──────── Source records

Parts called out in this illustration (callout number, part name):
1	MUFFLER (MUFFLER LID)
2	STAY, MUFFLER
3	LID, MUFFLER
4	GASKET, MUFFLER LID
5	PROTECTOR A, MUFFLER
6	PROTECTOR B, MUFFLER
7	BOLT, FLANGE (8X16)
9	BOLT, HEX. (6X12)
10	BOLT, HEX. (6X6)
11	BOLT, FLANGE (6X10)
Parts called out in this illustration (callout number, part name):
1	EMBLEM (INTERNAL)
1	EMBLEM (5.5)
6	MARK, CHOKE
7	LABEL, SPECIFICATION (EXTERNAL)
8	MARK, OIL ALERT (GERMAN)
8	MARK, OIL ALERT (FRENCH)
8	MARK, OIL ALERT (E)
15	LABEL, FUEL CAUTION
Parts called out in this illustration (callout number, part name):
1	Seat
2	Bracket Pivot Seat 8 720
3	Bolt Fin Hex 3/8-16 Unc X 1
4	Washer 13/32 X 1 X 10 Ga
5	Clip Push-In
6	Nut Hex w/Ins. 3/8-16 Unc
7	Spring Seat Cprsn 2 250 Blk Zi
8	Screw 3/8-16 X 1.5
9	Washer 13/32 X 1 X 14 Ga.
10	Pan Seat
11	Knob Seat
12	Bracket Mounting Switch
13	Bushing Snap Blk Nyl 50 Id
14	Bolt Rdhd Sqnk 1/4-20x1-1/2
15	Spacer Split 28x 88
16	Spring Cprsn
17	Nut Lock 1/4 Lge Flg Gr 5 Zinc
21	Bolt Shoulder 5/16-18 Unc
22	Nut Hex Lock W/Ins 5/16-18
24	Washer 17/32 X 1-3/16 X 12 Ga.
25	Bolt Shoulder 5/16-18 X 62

────────────────

What needs to be done: Please repeat every entry, exactly as it was written.

Written response:
Parts called out in this illustration (callout number, part name):
1	MUFFLER (MUFFLER LID)
2	STAY, MUFFLER
3	LID, MUFFLER
4	GASKET, MUFFLER LID
5	PROTECTOR A, MUFFLER
6	PROTECTOR B, MUFFLER
7	BOLT, FLANGE (8X16)
9	BOLT, HEX. (6X12)
10	BOLT, HEX. (6X6)
11	BOLT, FLANGE (6X10)
Parts called out in this illustration (callout number, part name):
1	EMBLEM (INTERNAL)
1	EMBLEM (5.5)
6	MARK, CHOKE
7	LABEL, SPECIFICATION (EXTERNAL)
8	MARK, OIL ALERT (GERMAN)
8	MARK, OIL ALERT (FRENCH)
8	MARK, OIL ALERT (E)
15	LABEL, FUEL CAUTION
Parts called out in this illustration (callout number, part name):
1	Seat
2	Bracket Pivot Seat 8 720
3	Bolt Fin Hex 3/8-16 Unc X 1
4	Washer 13/32 X 1 X 10 Ga
5	Clip Push-In
6	Nut Hex w/Ins. 3/8-16 Unc
7	Spring Seat Cprsn 2 250 Blk Zi
8	Screw 3/8-16 X 1.5
9	Washer 13/32 X 1 X 14 Ga.
10	Pan Seat
11	Knob Seat
12	Bracket Mounting Switch
13	Bushing Snap Blk Nyl 50 Id
14	Bolt Rdhd Sqnk 1/4-20x1-1/2
15	Spacer Split 28x 88
16	Spring Cprsn
17	Nut Lock 1/4 Lge Flg Gr 5 Zinc
21	Bolt Shoulder 5/16-18 Unc
22	Nut Hex Lock W/Ins 5/16-18
24	Washer 17/32 X 1-3/16 X 12 Ga.
25	Bolt Shoulder 5/16-18 X 62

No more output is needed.